What is needed.
Bring together every line in the data that includes "surface".

--- Extracted material Enclosed Below ---

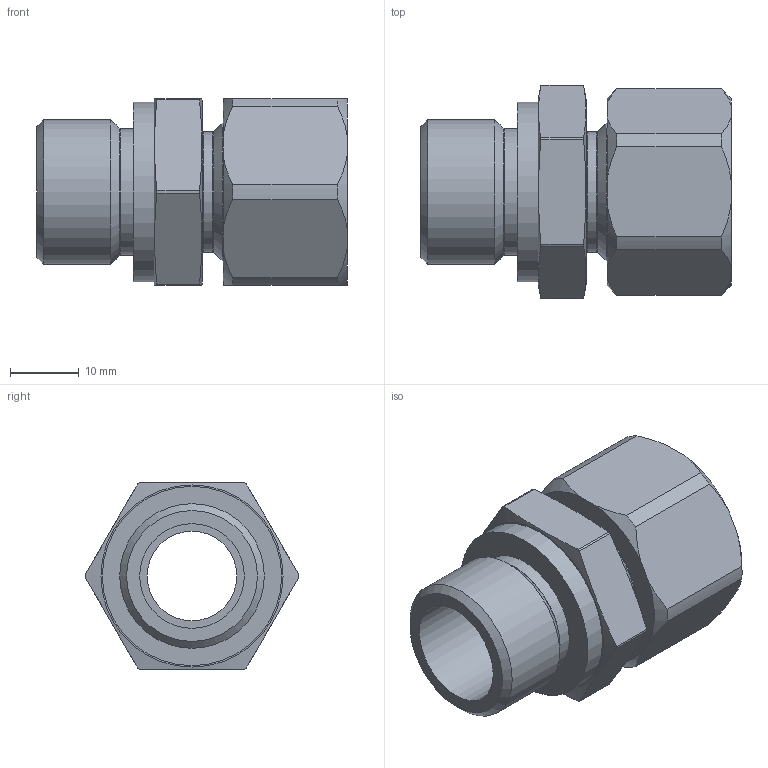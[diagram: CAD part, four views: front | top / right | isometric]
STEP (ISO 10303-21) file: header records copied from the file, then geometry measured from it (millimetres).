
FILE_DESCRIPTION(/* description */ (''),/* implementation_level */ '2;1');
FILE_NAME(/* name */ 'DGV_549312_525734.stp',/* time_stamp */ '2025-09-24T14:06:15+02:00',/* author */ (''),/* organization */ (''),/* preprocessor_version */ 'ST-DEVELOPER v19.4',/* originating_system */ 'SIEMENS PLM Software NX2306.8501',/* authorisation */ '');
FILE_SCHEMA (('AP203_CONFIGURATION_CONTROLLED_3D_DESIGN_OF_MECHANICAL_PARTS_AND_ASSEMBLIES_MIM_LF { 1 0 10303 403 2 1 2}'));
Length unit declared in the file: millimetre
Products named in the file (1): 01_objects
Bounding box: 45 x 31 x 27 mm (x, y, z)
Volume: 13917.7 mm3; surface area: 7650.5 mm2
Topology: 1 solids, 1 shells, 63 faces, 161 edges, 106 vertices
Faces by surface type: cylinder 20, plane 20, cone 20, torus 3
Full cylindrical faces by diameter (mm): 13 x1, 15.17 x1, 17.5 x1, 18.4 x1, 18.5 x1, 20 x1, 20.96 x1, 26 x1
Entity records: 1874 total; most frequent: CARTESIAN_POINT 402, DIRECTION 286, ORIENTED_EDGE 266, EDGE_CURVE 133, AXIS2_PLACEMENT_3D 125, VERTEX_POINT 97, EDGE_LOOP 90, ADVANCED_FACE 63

--- End of Enclosed Extracted material ---

Written response.
Volume: 13917.7 mm3; surface area: 7650.5 mm2
Faces by surface type: cylinder 20, plane 20, cone 20, torus 3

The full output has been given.